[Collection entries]

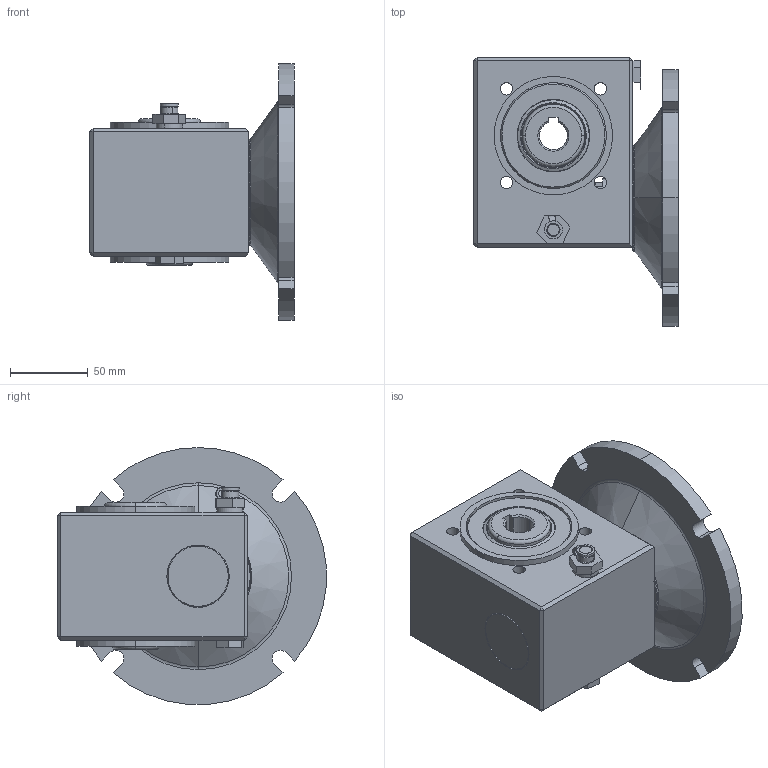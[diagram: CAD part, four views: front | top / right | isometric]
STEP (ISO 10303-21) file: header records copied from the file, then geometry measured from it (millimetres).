
FILE_DESCRIPTION (( 'STEP AP203' ), '1' );
FILE_NAME ('JRESSD40-50-56C.STEP', '2019-04-18T05:17:36', ( 'Sky123.Org' ), ( 'Sky123.Org' ), 'SwSTEP 2.0', 'SolidWorks 2011', '' );
FILE_SCHEMA (( 'CONFIG_CONTROL_DESIGN' ));
Length unit declared in the file: millimetre
Products named in the file (1): JRESSD40-50-56C
Bounding box: 131 x 172.23 x 164.73 mm (x, y, z)
Surface area: 139108.9 mm2 (no closed solid volume)
Topology: 0 solids, 23 shells, 329 faces, 918 edges, 594 vertices
Faces by surface type: plane 140, cylinder 100, cone 51, torus 38
Entity records: 10622 total; most frequent: DIRECTION 2007, CARTESIAN_POINT 1868, ORIENTED_EDGE 1550, EDGE_CURVE 906, AXIS2_PLACEMENT_3D 777, VERTEX_POINT 594, VECTOR 453, LINE 453
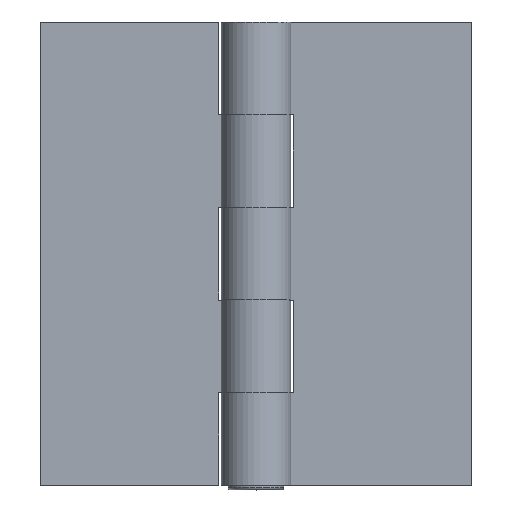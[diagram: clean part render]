
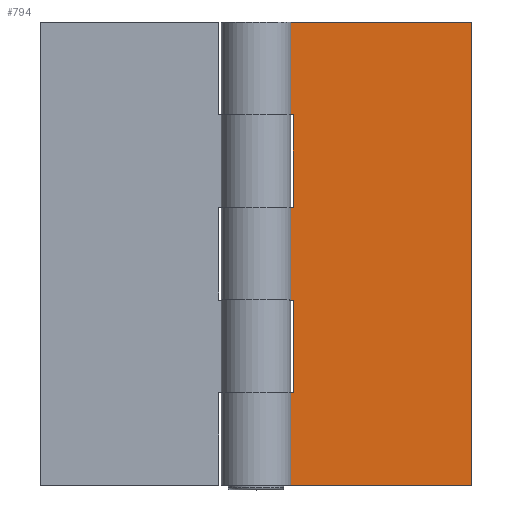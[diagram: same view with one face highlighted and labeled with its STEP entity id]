
A CAD part, top view. The second image highlights one B-rep face of the part: STEP entity #794.
In plain terms, the highlighted planar face has unit normal (0, 0, 1) as drawn and (0, 1, 0) by its records, which use the part's own axes.
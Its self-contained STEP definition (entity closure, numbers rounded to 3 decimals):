
#80=FACE_OUTER_BOUND('',#125,.T.);
#125=EDGE_LOOP('',(#683,#684,#685,#686,#687,#688,#689,#690,#691,#692,#693,
#694));
#185=LINE('',#1229,#267);
#188=LINE('',#1242,#270);
#191=LINE('',#1247,#273);
#195=LINE('',#1258,#277);
#198=LINE('',#1271,#280);
#201=LINE('',#1276,#283);
#214=LINE('',#1303,#296);
#215=LINE('',#1306,#297);
#217=LINE('',#1311,#299);
#219=LINE('',#1315,#301);
#220=LINE('',#1316,#302);
#221=LINE('',#1317,#303);
#267=VECTOR('',#988,8.);
#270=VECTOR('',#999,8.);
#273=VECTOR('',#1004,20.);
#277=VECTOR('',#1012,8.);
#280=VECTOR('',#1023,8.);
#283=VECTOR('',#1028,20.);
#296=VECTOR('',#1055,20.);
#297=VECTOR('',#1060,20.);
#299=VECTOR('',#1064,100.);
#301=VECTOR('',#1068,20.);
#302=VECTOR('',#1069,46.5);
#303=VECTOR('',#1070,46.5);
#368=VERTEX_POINT('',#1226);
#369=VERTEX_POINT('',#1228);
#374=VERTEX_POINT('',#1239);
#375=VERTEX_POINT('',#1241);
#380=VERTEX_POINT('',#1255);
#381=VERTEX_POINT('',#1257);
#386=VERTEX_POINT('',#1268);
#387=VERTEX_POINT('',#1270);
#395=VERTEX_POINT('',#1302);
#396=VERTEX_POINT('',#1308);
#397=VERTEX_POINT('',#1310);
#398=VERTEX_POINT('',#1314);
#458=EDGE_CURVE('',#369,#368,#185,.T.);
#464=EDGE_CURVE('',#375,#374,#188,.T.);
#467=EDGE_CURVE('',#368,#375,#191,.T.);
#472=EDGE_CURVE('',#381,#380,#195,.T.);
#478=EDGE_CURVE('',#387,#386,#198,.T.);
#481=EDGE_CURVE('',#380,#387,#201,.T.);
#495=EDGE_CURVE('',#381,#395,#214,.T.);
#497=EDGE_CURVE('',#369,#386,#215,.T.);
#499=EDGE_CURVE('',#397,#396,#217,.T.);
#501=EDGE_CURVE('',#398,#374,#219,.T.);
#502=EDGE_CURVE('',#398,#397,#220,.T.);
#503=EDGE_CURVE('',#396,#395,#221,.T.);
#683=ORIENTED_EDGE('',*,*,#464,.T.);
#684=ORIENTED_EDGE('',*,*,#501,.F.);
#685=ORIENTED_EDGE('',*,*,#502,.T.);
#686=ORIENTED_EDGE('',*,*,#499,.T.);
#687=ORIENTED_EDGE('',*,*,#503,.T.);
#688=ORIENTED_EDGE('',*,*,#495,.F.);
#689=ORIENTED_EDGE('',*,*,#472,.T.);
#690=ORIENTED_EDGE('',*,*,#481,.T.);
#691=ORIENTED_EDGE('',*,*,#478,.T.);
#692=ORIENTED_EDGE('',*,*,#497,.F.);
#693=ORIENTED_EDGE('',*,*,#458,.T.);
#694=ORIENTED_EDGE('',*,*,#467,.T.);
#755=PLANE('',#862);
#794=ADVANCED_FACE('',(#80),#755,.T.);
#862=AXIS2_PLACEMENT_3D('',#1313,#1066,#1067);
#988=DIRECTION('',(-1.,0.,0.));
#999=DIRECTION('',(1.,0.,0.));
#1004=DIRECTION('',(0.,0.,-1.));
#1012=DIRECTION('',(-1.,0.,0.));
#1023=DIRECTION('',(1.,0.,0.));
#1028=DIRECTION('',(0.,0.,-1.));
#1055=DIRECTION('',(0.,0.,1.));
#1060=DIRECTION('',(0.,0.,1.));
#1064=DIRECTION('',(0.,0.,1.));
#1066=DIRECTION('center_axis',(0.,1.,0.));
#1067=DIRECTION('ref_axis',(0.,0.,1.));
#1068=DIRECTION('',(0.,0.,1.));
#1069=DIRECTION('',(-1.,0.,0.));
#1070=DIRECTION('',(1.,0.,0.));
#1226=CARTESIAN_POINT('',(-8.,3.,-10.));
#1228=CARTESIAN_POINT('',(0.,3.,-10.));
#1229=CARTESIAN_POINT('',(-19.5,3.,-10.));
#1239=CARTESIAN_POINT('',(0.,3.,-30.));
#1241=CARTESIAN_POINT('',(-8.,3.,-30.));
#1242=CARTESIAN_POINT('',(-27.25,3.,-30.));
#1247=CARTESIAN_POINT('',(-8.,3.,-5.));
#1255=CARTESIAN_POINT('',(-8.,3.,30.));
#1257=CARTESIAN_POINT('',(0.,3.,30.));
#1258=CARTESIAN_POINT('',(-19.5,3.,30.));
#1268=CARTESIAN_POINT('',(0.,3.,10.));
#1270=CARTESIAN_POINT('',(-8.,3.,10.));
#1271=CARTESIAN_POINT('',(-27.25,3.,10.));
#1276=CARTESIAN_POINT('',(-8.,3.,15.));
#1302=CARTESIAN_POINT('',(0.,3.,50.));
#1303=CARTESIAN_POINT('',(0.,3.,0.));
#1306=CARTESIAN_POINT('',(0.,3.,0.));
#1308=CARTESIAN_POINT('',(-46.5,3.,50.));
#1310=CARTESIAN_POINT('',(-46.5,3.,-50.));
#1311=CARTESIAN_POINT('',(-46.5,3.,0.));
#1313=CARTESIAN_POINT('Origin',(-46.5,3.,0.));
#1314=CARTESIAN_POINT('',(0.,3.,-50.));
#1315=CARTESIAN_POINT('',(0.,3.,0.));
#1316=CARTESIAN_POINT('',(0.,3.,-50.));
#1317=CARTESIAN_POINT('',(0.,3.,50.));

◆ EXERCISE AIM: In the data above, which lines lie between the line with "#215=LINE('',#1306,#297);" and the line with "#280=VECTOR('',#1023,8.);", inclusive? Print those lines exactly and nothing else.

◆ TASK RESULT:
#215=LINE('',#1306,#297);
#217=LINE('',#1311,#299);
#219=LINE('',#1315,#301);
#220=LINE('',#1316,#302);
#221=LINE('',#1317,#303);
#267=VECTOR('',#988,8.);
#270=VECTOR('',#999,8.);
#273=VECTOR('',#1004,20.);
#277=VECTOR('',#1012,8.);
#280=VECTOR('',#1023,8.);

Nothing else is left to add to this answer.